Walk into any GPU-buying conversation and the first number on the table is peak FLOPS. It is the number on the marketing slide, the number in the model name's spiritual ancestry, the number people compare across cards like horsepower. For training, it is even the right number to care about. For serving a model to users, it is mostly a distraction — and the reason is buried one line lower on the same spec sheet.
Decode is a memory problem wearing a compute costume
An LLM does two very different things at inference time. Prefill ingests your prompt: it runs the whole input through the model in parallel, a dense matrix-matrix operation that genuinely saturates the Tensor Cores. This is the compute-bound phase, and FLOPS matter here.
Then comes decode — generating the answer one token at a time. Each new token is a matrix-vector product: load the entire set of model weights out of HBM, multiply against a single token's worth of activations, append to the KV cache, repeat. At small batch sizes the arithmetic intensity of this loop is on the order of one or two FLOPs per byte moved — hundreds of times below what the GPU's compute roofline can absorb. The Tensor Cores sit mostly idle, waiting on memory. The wall the clock hits is how fast the card can stream weights and KV cache out of HBM, not how fast it can multiply.
For most production agents, decode dominates the wall-clock time. Which means the spec that governs your throughput is memory bandwidth, and the spec that governs your batch size — and therefore your throughput-per-dollar — is VRAM capacity.
You are not buying a calculator. You are buying a memory bus with a calculator attached.
The H200 is the experiment that settles the argument
You do not have to take the theory on faith, because NVIDIA shipped the controlled experiment. The H200 is the same Hopper compute silicon as the H100 — identical 989 dense BF16 TFLOPS, identical FP8 Tensor Core rates, zero extra math. The only thing that changed is the memory: 141GB of HBM3e at roughly 4.8TB/s, against the H100's 80GB at ~3.35TB/s.
If inference were compute-bound, that swap would do nothing. Instead, NVIDIA's own TensorRT-LLM numbers show the H200 delivering up to ~1.9x the Llama-2-70B throughput of an H100. Same FLOPS, nearly double the tokens — the entire gain comes from ~1.4x the bandwidth and the headroom to hold a bigger batch. It is the cleanest natural experiment in the lineup, and it points one direction: for decode, memory is the performance.
Why the KV cache makes capacity non-negotiable
The second-order reason capacity matters is the KV cache. Every active sequence keeps a key-value cache that grows with its length, and the total grows with how many sequences you batch concurrently. The PagedAttention work behind vLLM exists precisely because naive KV-cache allocation fragmented GPU memory so badly that systems wasted most of it, capping how many requests they could batch.
That is the whole game in high-concurrency serving: weights take a fixed slice of VRAM, and whatever is left is the budget for batched KV cache. A card with more capacity holds more concurrent sequences, which raises throughput on the same memory-bound decode loop. This is why an H200 or a Blackwell B200 (192GB, ~8TB/s) is what you reach for when the workload is long-context and high-concurrency — not because they compute harder, but because they hold more and stream faster.
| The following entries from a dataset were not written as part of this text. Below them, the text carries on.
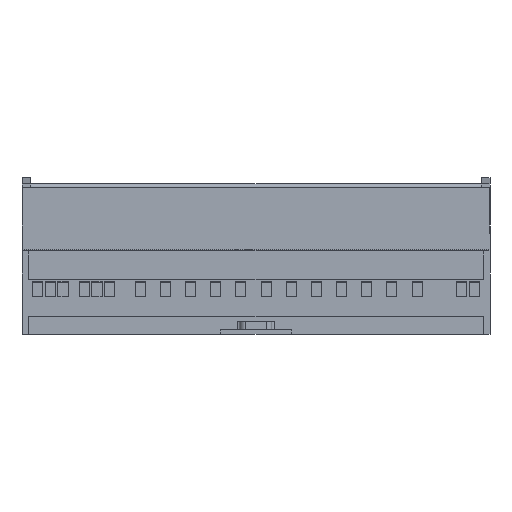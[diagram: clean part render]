
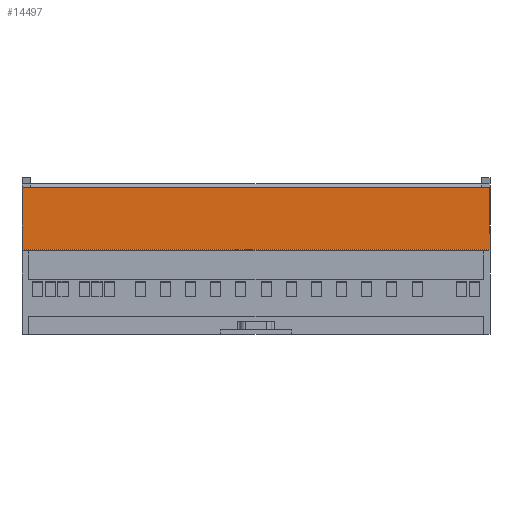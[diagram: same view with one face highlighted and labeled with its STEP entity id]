
A CAD part, front view. The second image highlights one B-rep face of the part: STEP entity #14497.
In plain terms, the highlighted planar face has unit normal (0, -1, 0).
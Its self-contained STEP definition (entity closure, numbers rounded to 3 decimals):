
#1480 = DIRECTION ( 'NONE',  ( -1., 0., 0. ) ) ;
#2091 = EDGE_CURVE ( 'NONE', #26464, #83997, #78051, .T. ) ;
#2145 = AXIS2_PLACEMENT_3D ( 'NONE', #89584, #47309, #5085 ) ;
#3603 = VERTEX_POINT ( 'NONE', #60115 ) ;
#5085 = DIRECTION ( 'NONE',  ( 0., 0., -1. ) ) ;
#6556 = FACE_OUTER_BOUND ( 'NONE', #68031, .T. ) ;
#9799 = CARTESIAN_POINT ( 'NONE',  ( -94.978, -24.622, 210.8 ) ) ;
#14497 = ADVANCED_FACE ( 'NONE', ( #6556 ), #61171, .T. ) ;
#20909 = CARTESIAN_POINT ( 'NONE',  ( -94.978, -24.622, 235.3 ) ) ;
#26133 = VERTEX_POINT ( 'NONE', #20909 ) ;
#26464 = VERTEX_POINT ( 'NONE', #27908 ) ;
#27908 = CARTESIAN_POINT ( 'NONE',  ( 91.022, -24.622, 210.8 ) ) ;
#28450 = ORIENTED_EDGE ( 'NONE', *, *, #2091, .T. ) ;
#36111 = ORIENTED_EDGE ( 'NONE', *, *, #54696, .T. ) ;
#38313 = VECTOR ( 'NONE', #62090, 1000. ) ;
#41966 = ORIENTED_EDGE ( 'NONE', *, *, #47295, .T. ) ;
#43756 = LINE ( 'NONE', #9799, #81263 ) ;
#44918 = ORIENTED_EDGE ( 'NONE', *, *, #68491, .T. ) ;
#47295 = EDGE_CURVE ( 'NONE', #3603, #26464, #43756, .T. ) ;
#47309 = DIRECTION ( 'NONE',  ( 0., -1., 0. ) ) ;
#49433 = LINE ( 'NONE', #57317, #84791 ) ;
#52014 = DIRECTION ( 'NONE',  ( 1., 0., 0. ) ) ;
#53055 = LINE ( 'NONE', #78860, #88432 ) ;
#54696 = EDGE_CURVE ( 'NONE', #83997, #26133, #53055, .T. ) ;
#57317 = CARTESIAN_POINT ( 'NONE',  ( -94.978, -24.622, 235.3 ) ) ;
#60115 = CARTESIAN_POINT ( 'NONE',  ( -94.978, -24.622, 210.8 ) ) ;
#61171 = PLANE ( 'NONE',  #2145 ) ;
#62090 = DIRECTION ( 'NONE',  ( 0., 0., 1. ) ) ;
#64431 = DIRECTION ( 'NONE',  ( 0., 0., -1. ) ) ;
#68031 = EDGE_LOOP ( 'NONE', ( #44918, #41966, #28450, #36111 ) ) ;
#68491 = EDGE_CURVE ( 'NONE', #26133, #3603, #49433, .T. ) ;
#76272 = CARTESIAN_POINT ( 'NONE',  ( 91.022, -24.622, 235.3 ) ) ;
#78051 = LINE ( 'NONE', #76272, #38313 ) ;
#78860 = CARTESIAN_POINT ( 'NONE',  ( -94.978, -24.622, 235.3 ) ) ;
#81263 = VECTOR ( 'NONE', #52014, 1000. ) ;
#83997 = VERTEX_POINT ( 'NONE', #84014 ) ;
#84014 = CARTESIAN_POINT ( 'NONE',  ( 91.022, -24.622, 235.3 ) ) ;
#84791 = VECTOR ( 'NONE', #64431, 1000. ) ;
#88432 = VECTOR ( 'NONE', #1480, 1000. ) ;
#89584 = CARTESIAN_POINT ( 'NONE',  ( -94.978, -24.622, 210.8 ) ) ;
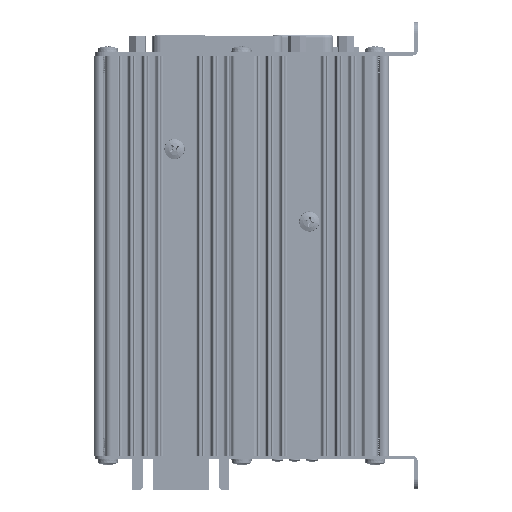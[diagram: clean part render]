
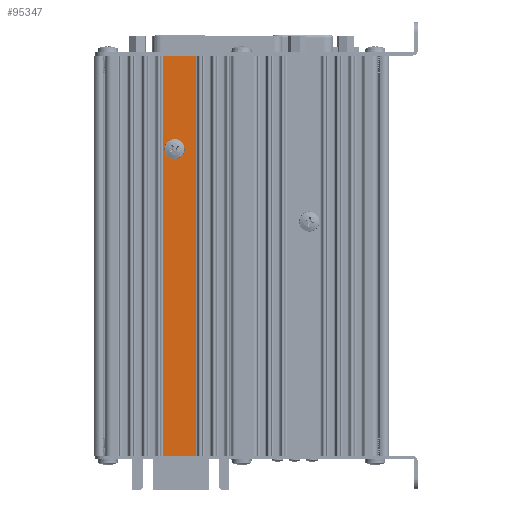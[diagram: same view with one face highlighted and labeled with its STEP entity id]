
A CAD part, left-side view. The second image highlights one B-rep face of the part: STEP entity #95347.
In plain terms, the highlighted planar face has unit normal (-1, 0, 0) as drawn and (0, 0, -1) by its records, which use the part's own axes.
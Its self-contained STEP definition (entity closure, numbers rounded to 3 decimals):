
#17654=CIRCLE('',#102609,0.198);
#25263=VERTEX_POINT('',#149193);
#25362=VERTEX_POINT('',#149479);
#25363=VERTEX_POINT('',#149481);
#25364=VERTEX_POINT('',#149485);
#25365=VERTEX_POINT('',#149487);
#35077=VECTOR('',#122323,1.);
#35078=VECTOR('',#122327,1.);
#35079=VECTOR('',#122328,1.);
#35080=VECTOR('',#122329,1.);
#44605=LINE('',#149480,#35077);
#44606=LINE('',#149484,#35078);
#44607=LINE('',#149486,#35079);
#44608=LINE('',#149488,#35080);
#54985=EDGE_CURVE('',#25263,#25263,#17654,.T.);
#55124=EDGE_CURVE('',#25363,#25362,#44605,.T.);
#55126=EDGE_CURVE('',#25362,#25364,#44606,.T.);
#55127=EDGE_CURVE('',#25365,#25364,#44607,.T.);
#55128=EDGE_CURVE('',#25365,#25363,#44608,.T.);
#75581=ORIENTED_EDGE('',*,*,#54985,.T.);
#75582=ORIENTED_EDGE('',*,*,#55126,.T.);
#75583=ORIENTED_EDGE('',*,*,#55127,.F.);
#75584=ORIENTED_EDGE('',*,*,#55128,.T.);
#75585=ORIENTED_EDGE('',*,*,#55124,.T.);
#85241=EDGE_LOOP('',(#75581));
#85242=EDGE_LOOP('',(#75582,#75583,#75584,#75585));
#90615=FACE_BOUND('',#85241,.T.);
#90616=FACE_BOUND('',#85242,.T.);
#95347=ADVANCED_FACE('',(#90615,#90616),#158575,.T.);
#102609=AXIS2_PLACEMENT_3D('',#149192,#122054,#122055);
#102713=AXIS2_PLACEMENT_3D('',#149483,#122326,$);
#122054=DIRECTION('',(0.,0.,1.));
#122055=DIRECTION('',(-0.198,0.,0.));
#122323=DIRECTION('',(-1.,0.,0.));
#122326=DIRECTION('',(0.,0.,-1.));
#122327=DIRECTION('',(0.,1.,0.));
#122328=DIRECTION('',(-1.,0.,0.));
#122329=DIRECTION('',(0.,-1.,0.));
#149192=CARTESIAN_POINT('',(-2.16,5.568,-0.958));
#149193=CARTESIAN_POINT('',(-2.358,5.568,-0.958));
#149479=CARTESIAN_POINT('',(-4.913,4.941,-0.958));
#149480=CARTESIAN_POINT('',(6.886,4.941,-0.958));
#149481=CARTESIAN_POINT('',(6.886,4.941,-0.958));
#149483=CARTESIAN_POINT('',(6.886,5.423,-0.958));
#149484=CARTESIAN_POINT('',(-4.913,5.905,-0.958));
#149485=CARTESIAN_POINT('',(-4.913,5.905,-0.958));
#149486=CARTESIAN_POINT('',(6.886,5.905,-0.958));
#149487=CARTESIAN_POINT('',(6.886,5.905,-0.958));
#149488=CARTESIAN_POINT('',(6.886,5.905,-0.958));
#158575=PLANE('',#102713);
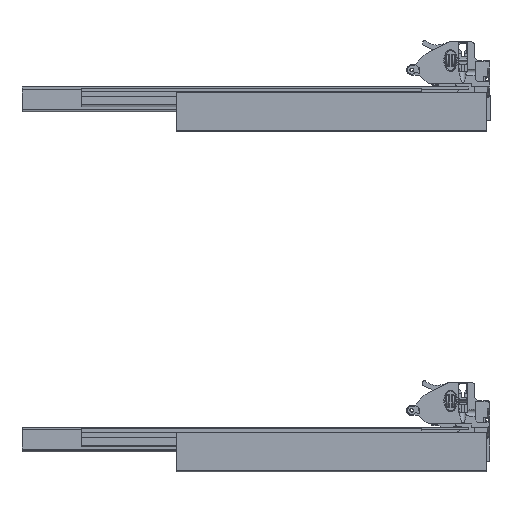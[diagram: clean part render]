
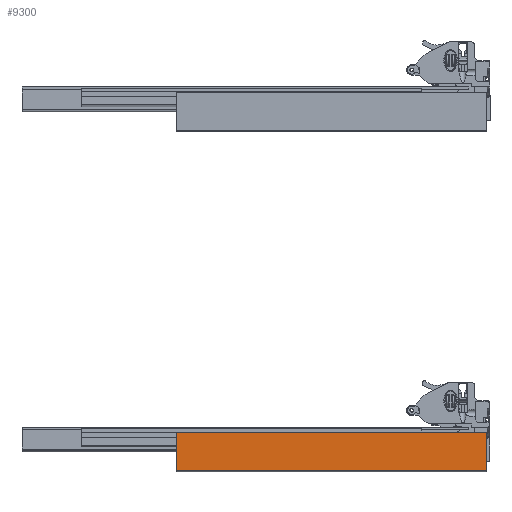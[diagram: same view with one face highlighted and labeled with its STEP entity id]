
A CAD part, front view. The second image highlights one B-rep face of the part: STEP entity #9300.
In plain terms, the highlighted planar face has unit normal (0, -1, 0).
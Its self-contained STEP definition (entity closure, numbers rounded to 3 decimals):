
#93=PLANE('',#9857);
#487=LINE('',#13175,#1614);
#488=LINE('',#13178,#1615);
#489=LINE('',#13180,#1616);
#490=LINE('',#13181,#1617);
#1614=VECTOR('',#10608,10.);
#1615=VECTOR('',#10611,10.);
#1616=VECTOR('',#10612,10.);
#1617=VECTOR('',#10613,10.);
#2843=FACE_OUTER_BOUND('',#3336,.T.);
#3336=EDGE_LOOP('',(#6404,#6405,#6406,#6407));
#4133=VERTEX_POINT('',#13168);
#4136=VERTEX_POINT('',#13173);
#4137=VERTEX_POINT('',#13177);
#4138=VERTEX_POINT('',#13179);
#5048=EDGE_CURVE('',#4136,#4133,#487,.T.);
#5049=EDGE_CURVE('',#4136,#4137,#488,.T.);
#5050=EDGE_CURVE('',#4137,#4138,#489,.T.);
#5051=EDGE_CURVE('',#4133,#4138,#490,.T.);
#6404=ORIENTED_EDGE('',*,*,#5048,.F.);
#6405=ORIENTED_EDGE('',*,*,#5049,.T.);
#6406=ORIENTED_EDGE('',*,*,#5050,.T.);
#6407=ORIENTED_EDGE('',*,*,#5051,.F.);
#9300=ADVANCED_FACE('',(#2843),#93,.T.);
#9857=AXIS2_PLACEMENT_3D('',#13176,#10609,#10610);
#10608=DIRECTION('',(-1.,0.,0.));
#10609=DIRECTION('center_axis',(0.,-1.,0.));
#10610=DIRECTION('ref_axis',(0.,0.,-1.));
#10611=DIRECTION('',(0.,0.,1.));
#10612=DIRECTION('',(-1.,0.,0.));
#10613=DIRECTION('',(0.,0.,1.));
#13168=CARTESIAN_POINT('',(-82.839,-144.183,1.));
#13173=CARTESIAN_POINT('',(282.161,-144.183,1.));
#13175=CARTESIAN_POINT('',(190.911,-144.183,1.));
#13176=CARTESIAN_POINT('Origin',(282.161,-144.183,0.));
#13177=CARTESIAN_POINT('',(282.161,-144.183,46.));
#13178=CARTESIAN_POINT('',(282.161,-144.183,0.));
#13179=CARTESIAN_POINT('',(-82.839,-144.183,46.));
#13180=CARTESIAN_POINT('',(-82.839,-144.183,46.));
#13181=CARTESIAN_POINT('',(-82.839,-144.183,0.));

Where each card actually lands
- A100 80GB — still a perfectly good workhorse at ~2.0TB/s and widely available. Its real limitation is that it predates Hopper, so it has no native FP8. You miss both the FP8 throughput and the FP8 KV-cache memory savings that let newer cards stretch further. Fine for BF16 inference; not the frontier.
- H100 SXM — the high-throughput serving default, and the card every benchmark is normalized against. FP8 via the Transformer Engine, 3.35TB/s, 80GB.
- H200 — the same chip with the memory it always wanted. The pick when context length or concurrency is your bottleneck, which for agent workloads it usually is.
- L40S — the seductive line item. Its Ada FP8 compute (~362 dense BF16 TFLOPS) is respectable and its price and 350W TDP are friendly. But at ~0.86TB/s GDDR6 and 48GB, it is bandwidth- and capacity-starved for large-model decode — roughly four times less bandwidth than an H100 SXM. Excellent for small models, prefill, and vision; a cost trap if you put a 70B model behind it and expect serving throughput.
The corollary buyers keep missing: a card that looks weaker on the FLOPS line (H200 vs anything compute-heavier) can win on serving, and a card with strong FLOPS but weak memory (L40S) will underperform its own spec sheet on big models. Pick the engine — vLLM, TensorRT-LLM, or TGI — for the software ergonomics. Pick the GPU for bandwidth and capacity, and let the FLOPS be a tiebreaker.
Spec figures are drawn from NVIDIA's published datasheets and product pages; the H200-vs-H100 throughput uplift is NVIDIA's own TensorRT-LLM benchmark. Cloud rental prices vary widely by provider and are deliberately omitted here as too volatile to cite as fact.